» **TASK DESCRIPTION**
Within the entries below, find every line that has the string "element", then copy it.

Extracted records:
--------
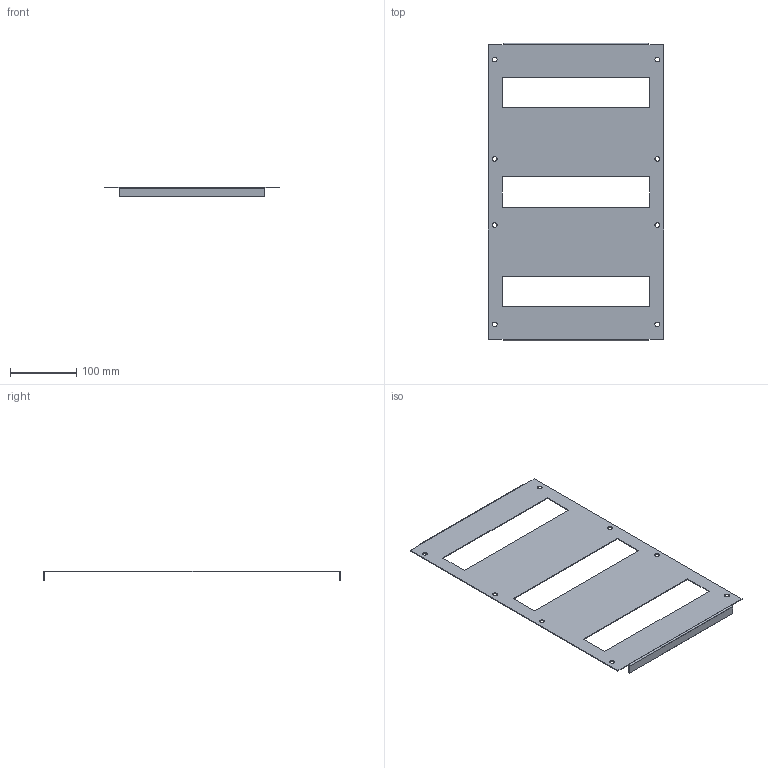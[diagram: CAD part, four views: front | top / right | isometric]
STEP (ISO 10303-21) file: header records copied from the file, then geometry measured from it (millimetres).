
FILE_DESCRIPTION (( 'STEP AP203' ), '1' );
FILE_NAME ('MB 45.30 P Ïàíåëü ìîäóëüíàÿ ñ âûðåçîì.STEP', '2022-05-12T11:38:47', ( '' ), ( '' ), 'SwSTEP 2.0', 'SolidWorks 2018', '' );
FILE_SCHEMA (( 'CONFIG_CONTROL_DESIGN' ));
Length unit declared in the file: millimetre
Products named in the file (1): MB 45.30 P Ïàíåëü ìîäóëüíàÿ ñ âûðåçîì
Bounding box: 265 x 449 x 15 mm (x, y, z)
Volume: 112117.8 mm3; surface area: 190787.1 mm2
Topology: 1 solids, 1 shells, 54 faces, 140 edges, 88 vertices
Faces by surface type: plane 34, cylinder 20
Entity records: 1757 total; most frequent: DIRECTION 290, CARTESIAN_POINT 283, ORIENTED_EDGE 280, EDGE_CURVE 140, LINE 100, VECTOR 100, AXIS2_PLACEMENT_3D 95, VERTEX_POINT 88
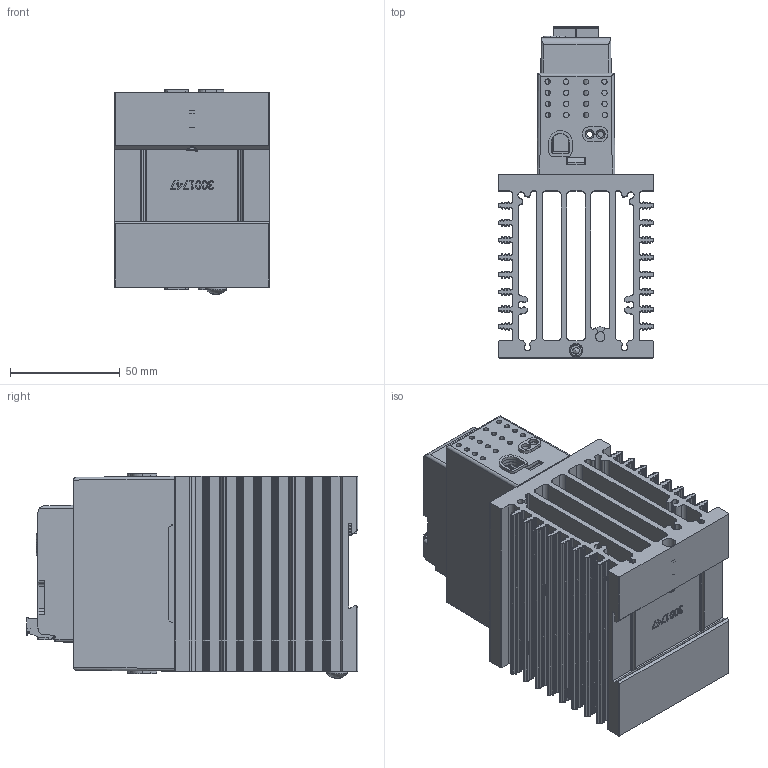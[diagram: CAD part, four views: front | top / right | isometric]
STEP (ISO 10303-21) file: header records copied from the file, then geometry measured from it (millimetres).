
FILE_DESCRIPTION(/* description */ (''),/* implementation_level */ '2;1');
FILE_NAME(/* name */ '1-phase Analog 50A.stp',/* time_stamp */ '2024-10-29T14:28:33-05:00',/* author */ ('ErikG'),/* organization */ (''),/* preprocessor_version */ 'ST-DEVELOPER v20',/* originating_system */ 'Autodesk Inventor 2025',/* authorisation */ '');
FILE_SCHEMA (('AUTOMOTIVE_DESIGN { 1 0 10303 214 3 1 1 }'));
Products named in the file (20): 3001631e; 3001757; 1001578K; P1; fci 6 pin header OQ06120000J0G; fci 6 pin headerOQ06120000J0G half 1; fci 5 pin header OQ05120000J0G half 2; fci 6 pin connector TS06110B00J0G; fci 5 pin connector TS05110B00J0G LEFT HALF; fci 5 pin connector TS05110B00J0G RIGHT HALF; P4; usb-c31-s-vt-cs4-bk-pp-t-r-model ADAMTECH; 3001759; 3001760; 3001755; 3001756; 3001747; 0060702-1032-0375; 0060783-0610-010.ipt; spring
Assembly tree (20 placements, depth 6):
  3001631e
    3001757
    1001578K
      P1
        fci 6 pin header OQ06120000J0G
          fci 6 pin headerOQ06120000J0G half 1
          fci 5 pin header OQ05120000J0G half 2
          fci 6 pin connector TS06110B00J0G
            fci 5 pin connector TS05110B00J0G LEFT HALF
            fci 5 pin connector TS05110B00J0G RIGHT HALF
      P4
        usb-c31-s-vt-cs4-bk-pp-t-r-model ADAMTECH
    3001759
    3001760  x2
    3001755
    3001756
    3001747
    0060702-1032-0375
    0060783-0610-010.ipt
    spring
Bounding box: 71.12 x 151.53 x 93.49 mm (x, y, z)
Volume: 258566.5 mm3; surface area: 209670.6 mm2
Topology: 16 solids, 106 shells, 5093 faces, 13971 edges, 9163 vertices
Faces by surface type: plane 3628, cylinder 1099, cone 204, bspline 105, torus 54, sphere 3
Full cylindrical faces by diameter (mm): 0.254 x1, 0.45 x2, 0.55 x2, 0.65 x2, 1 x2, 2.3 x12, 2.54 x2, 2.642 x3, 2.95 x6, 3.277 x2, 4.826 x1, 4.917 x1, 6 x1, 6.172 x1, 7.976 x1, 9.474 x1
Entity records: 175208 total; most frequent: CARTESIAN_POINT 45128, ORIENTED_EDGE 27684, DIRECTION 25928, EDGE_CURVE 13842, LINE 10296, VECTOR 10296, VERTEX_POINT 9083, AXIS2_PLACEMENT_3D 7816
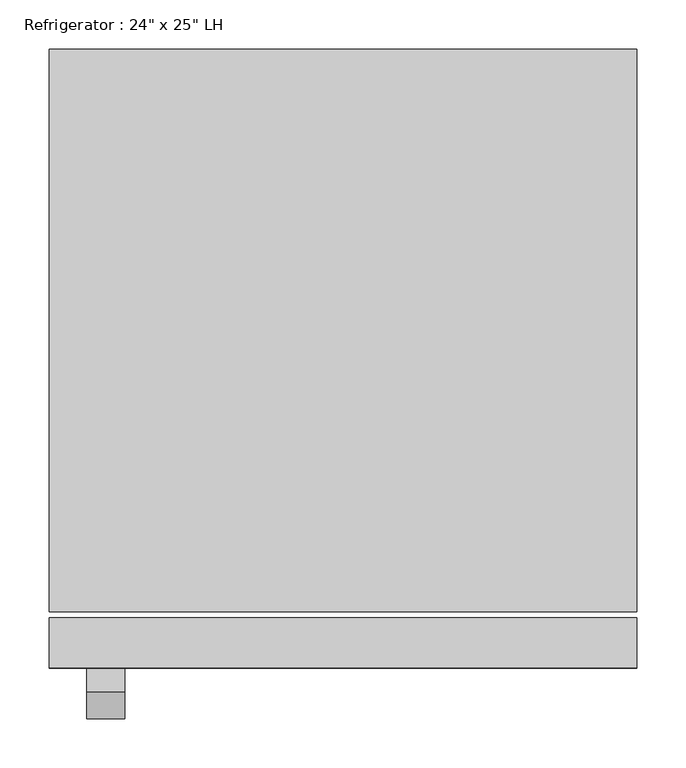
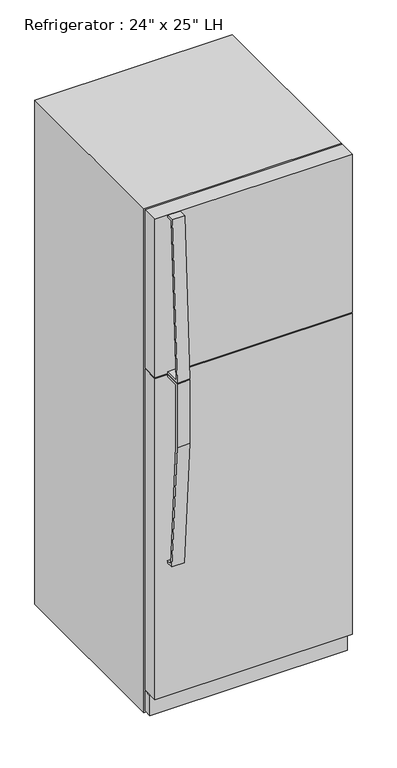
"""IFC4 building model written with IfcOpenShell, lengths in millimetres: proxy geometry."""

from ifc_helpers import new_model, si_unit, frame, origin, origin_with_axes, place, context, project, spatial, polyline, outline, extrude, source, transform, mapped, element, save


def proxy_c523a7b7(model_context):
    return source(origin(), model_context, "Body", "SweptSolid", [
        extrude(outline(polyline([(-329.0010285, 1096.9625), (-373.4510285, 1096.9625), (-373.4510285, 900.3342469), (-345.9723987, 507.3715334), (-329.0010285, 507.3715334), (-329.0010285, 501.0370017), (-351.8949512, 501.0370017), (-379.8010285, 900.1125), (-379.8010285, 1103.3125), (-329.0010285, 1103.3125), (-329.0010285, 1096.9625)])), frame((-260.35, 0.0, 0.0), z_axis=(1.0, 0.0, 0.0), x_axis=(0.0, 1.0, 0.0)), (0.0, 0.0, 1.0), 38.4332978),
        extrude(outline(polyline([(-353.839413, 1612.9), (-329.7780855, 1612.9), (-329.7780855, 1606.55), (-348.6263449, 1606.55), (-374.5007207, 1112.8375), (-329.7780855, 1112.8375), (-329.7780855, 1106.4875), (-380.3793675, 1106.4875), (-353.839413, 1612.9)])), frame((-260.35, 0.0, 0.0), z_axis=(1.0, 0.0, 0.0), x_axis=(0.0, 1.0, 0.0)), (0.0, 0.0, 1.0), 38.4332978),
        extrude(outline(polyline([(298.45, -278.2010285), (298.45, -303.6010285), (-298.45, -303.6010285), (-298.45, -278.2010285), (298.45, -278.2010285)])), frame((0.0, 0.0, 9.3816357), z_axis=(0.0, 0.0, 1.0), x_axis=(1.0, 0.0, 0.0)), (0.0, 0.0, 1.0), 63.5),
        extrude(outline(polyline([(298.45, -278.2010285), (298.45, -329.0010285), (-298.45, -329.0010285), (-298.45, -278.2010285), (298.45, -278.2010285)])), frame((0.0, 0.0, 76.2), z_axis=(0.0, 0.0, 1.0), x_axis=(1.0, 0.0, 0.0)), (0.0, 0.0, 1.0), 1027.1125),
        extrude(outline(polyline([(298.45, -278.2010285), (298.45, -329.0010285), (-298.45, -329.0010285), (-298.45, -278.2010285), (298.45, -278.2010285)])), frame((0.0, 0.0, 1106.4875), z_axis=(0.0, 0.0, 1.0), x_axis=(1.0, 0.0, 0.0)), (0.0, 0.0, 1.0), 506.4125),
        extrude(outline(polyline([(298.45, 299.6489715), (298.45, -271.8510285), (-298.45, -271.8510285), (-298.45, 299.6489715), (298.45, 299.6489715)])), origin_with_axes(), (0.0, 0.0, 1.0), 1612.9),
    ])


if __name__ == "__main__":
    model = new_model("IFC4")
    model_context = context("Model", 3, world=origin())
    ifc_project = project(units=[si_unit("LENGTHUNIT", "METRE", prefix="MILLI")], contexts=[model_context])
    site = spatial("IfcSite", under=ifc_project)
    building = spatial("IfcBuilding", under=site)
    placement = place(None, origin())
    proxy_shape = proxy_c523a7b7(model_context)
    element("IfcBuildingElementProxy", 1, Name="Refrigerator : 24\" x 25\" LH", ObjectType="Refrigerator : 24\" x 25\" LH", at=placement, inside=building, context=model_context, shape_type="MappedRepresentation", body=[
        mapped(proxy_shape, transform((0.0, 0.0, 0.0), x_axis=(1.0, 0.0, 0.0), y_axis=(0.0, 1.0, 0.0), z_axis=(0.0, 0.0, 1.0))),
    ])
    save(model, "model.ifc")
--------
» **YOUR RESPONSE**
from ifc_helpers import new_model, si_unit, frame, origin, origin_with_axes, place, context, project, spatial, polyline, outline, extrude, source, transform, mapped, element, save
    element("IfcBuildingElementProxy", 1, Name="Refrigerator : 24\" x 25\" LH", ObjectType="Refrigerator : 24\" x 25\" LH", at=placement, inside=building, context=model_context, shape_type="MappedRepresentation", body=[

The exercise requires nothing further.